Lenders have become much stricter following the meltdown of the housing
market. Even Fannie Mae has tightened restrictions and have now
implemented changes that require lenders to track any changes as they
occur in a borrower's circumstances between the time of application and
the time of closing. These rules are not necessarily new, but Fannie Mae
is enforcing them far more vigorously now than in the past. If you are a
borrower, what this means for you is that certain actions can cause a
delay and possibly even a denial in your mortgage closing. There are
three things in particular that you can do which could throw a wrench in
the works for your mortgage closing.
Getting a new credit card or an auto loan ranks at the top of the list
of actions you should avoid before closing on your mortgage. When a loan
is still in the underwriting process, this is one of the last things you
need to do. For example, you shouldn't get a new car loan the week
before you close on your mortgage or get a new credit card in order to
buy new furniture or appliances for your new home. While many buyers are
not aware of it, most lenders do run a credit check for new accounts
just prior to closing. Even opening a new account, without charging
anything to it could be a crucial mistake. Retailers commonly offer
discounts to consumers who apply for credit and that can be appealing to
the customer; however, it can affect your ability to obtain that final
approval for your mortgage loan.
It is also a mistake to charge up your credit cards. It can be tempting
to charge up those cards for yard equipment, appliances and furniture
that you think you need for your new home but it is also an almost
certain way to mess up your closing. It is far better to simply leave
your credit cards alone and pay cash for everything prior to closing.

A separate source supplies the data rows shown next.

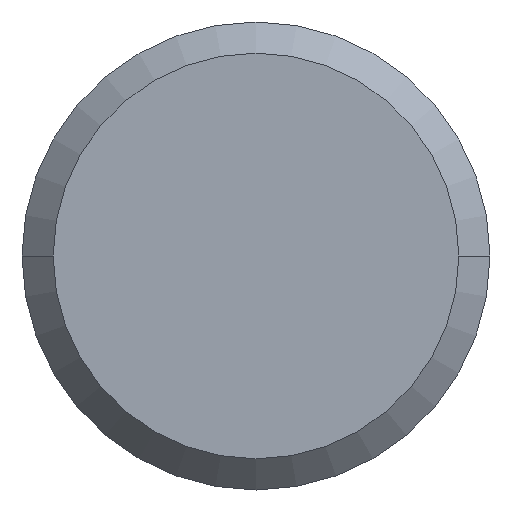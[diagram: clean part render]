
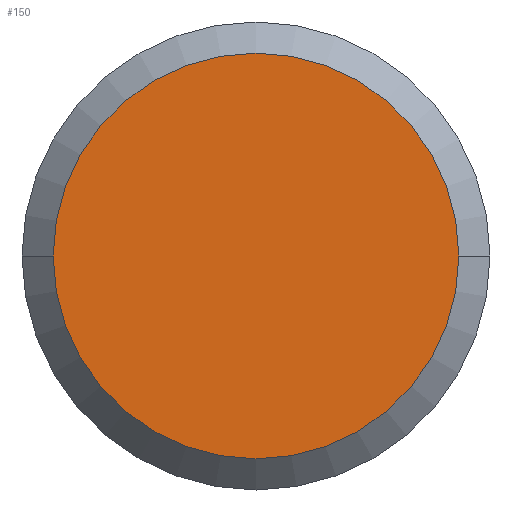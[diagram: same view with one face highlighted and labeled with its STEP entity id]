
A CAD part, left-side view. The second image highlights one B-rep face of the part: STEP entity #150.
In plain terms, the highlighted planar face has unit normal (-1, 0, 0).
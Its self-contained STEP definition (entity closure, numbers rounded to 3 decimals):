
#56=PLANE('',#2344);
#150=ADVANCED_FACE('',(#298),#56,.T.);
#298=FACE_OUTER_BOUND('',#446,.F.);
#446=EDGE_LOOP('',(#812,#813));
#812=ORIENTED_EDGE('',*,*,#1737,.F.);
#813=ORIENTED_EDGE('',*,*,#1518,.F.);
#1518=EDGE_CURVE('',#2115,#2114,#1812,.T.);
#1737=EDGE_CURVE('',#2114,#2115,#1891,.T.);
#1812=CIRCLE('',#2118,6.5);
#1891=CIRCLE('',#2197,6.5);
#2114=VERTEX_POINT('',#3318);
#2115=VERTEX_POINT('',#3319);
#2118=AXIS2_PLACEMENT_3D('',#3320,#2423,#2424);
#2197=AXIS2_PLACEMENT_3D('',#3539,#2721,#2722);
#2344=AXIS2_PLACEMENT_3D('',#3686,#3015,#3016);
#2423=DIRECTION('',(-1.,0.,0.));
#2424=DIRECTION('',(0.,1.,0.));
#2721=DIRECTION('',(-1.,0.,0.));
#2722=DIRECTION('',(0.,-1.,0.));
#3015=DIRECTION('',(-1.,0.,0.));
#3016=DIRECTION('',(0.,0.,1.));
#3318=CARTESIAN_POINT('',(0.,-6.5,0.));
#3319=CARTESIAN_POINT('',(0.,6.5,0.));
#3320=CARTESIAN_POINT('',(0.,0.,0.));
#3539=CARTESIAN_POINT('',(0.,0.,0.));
#3686=CARTESIAN_POINT('',(0.,-6.63,-6.63));
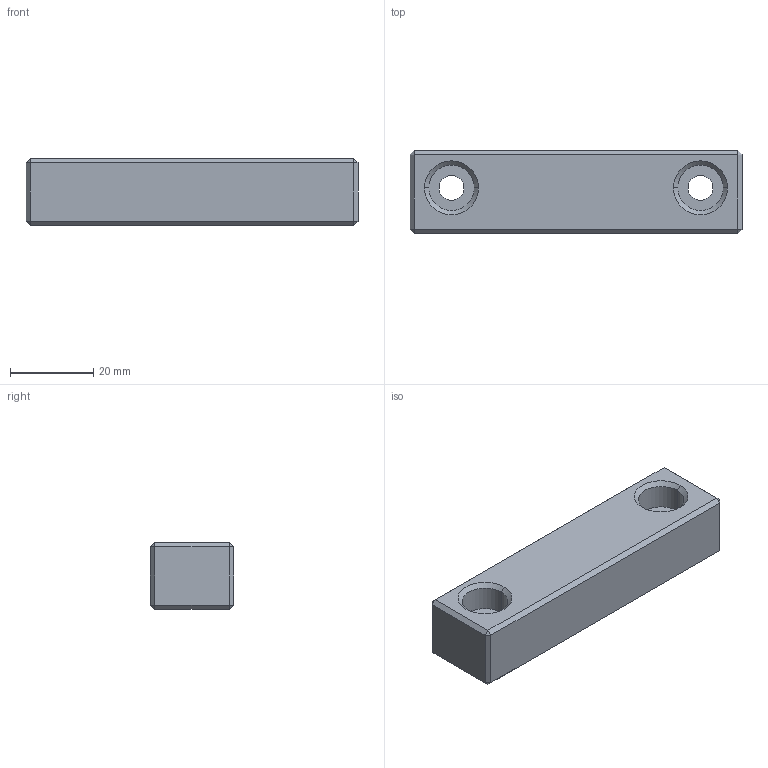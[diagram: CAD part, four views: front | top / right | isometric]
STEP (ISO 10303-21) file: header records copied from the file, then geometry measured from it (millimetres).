
FILE_DESCRIPTION (( 'STEP AP214' ), '1' );
FILE_NAME ('BR3143-20-16-80.STEP', '2020-06-30T08:40:11', ( '' ), ( '' ), 'SwSTEP 2.0', 'SolidWorks 2018', '' );
FILE_SCHEMA (( 'AUTOMOTIVE_DESIGN' ));
Length unit declared in the file: millimetre
Products named in the file (1): BR3143-20-16-80
Bounding box: 80 x 20 x 16 mm (x, y, z)
Volume: 23476.3 mm3; surface area: 6777.8 mm2
Topology: 1 solids, 1 shells, 44 faces, 88 edges, 48 vertices
Faces by surface type: plane 28, cone 8, cylinder 8
Entity records: 1142 total; most frequent: DIRECTION 202, CARTESIAN_POINT 181, ORIENTED_EDGE 176, EDGE_CURVE 88, AXIS2_PLACEMENT_3D 69, VECTOR 64, LINE 64, EDGE_LOOP 50

This is because mortgage approval is partially based on your debt to
income ratio. The lender will look at your minimum monthly debt payments
and then compare them to your income. If the ratio of your debt payments
to income becomes too high, you could be turned down for your mortgage;
even if you have been previously approved. Fannie Mae encourages lenders
to re-calculate the debt-to-income ratio prior to closing. If you have
recently gone on a spending spree and your debt-to-income ratio is too
high, you may have problems with your mortgage. Therefore, it's better
to wait until after the closing to buy anything you might need for your
new home.
Finally, keep in mind that changing jobs can also impact your mortgage
before closing. Remember as well that even staying with the same
employer but changing from a salaried position to one where your primary
income is based on bonuses or commissions could impact your mortgage
approval. You will typically need a two-year history for your
employment, especially if you go to bonus or commission based
employment. If you do not have a history for the new income it may mean
that income cannot be included at all and suddenly you may find that you
do not qualify for the mortgage after all.
The best course of action is to make sure that you do not make any
changes to your current status between the time you apply for your
mortgage loan and the day it actually closes. Simply because the lender
has indicated you are approved for the mortgage does not mean that
approval will still be extended if your circumstances should change as
it is conditional upon your circumstances remaining the same. Once your
mortgage has actually closed, you can then begin to look at making new
purchases or making changes in your overall situation.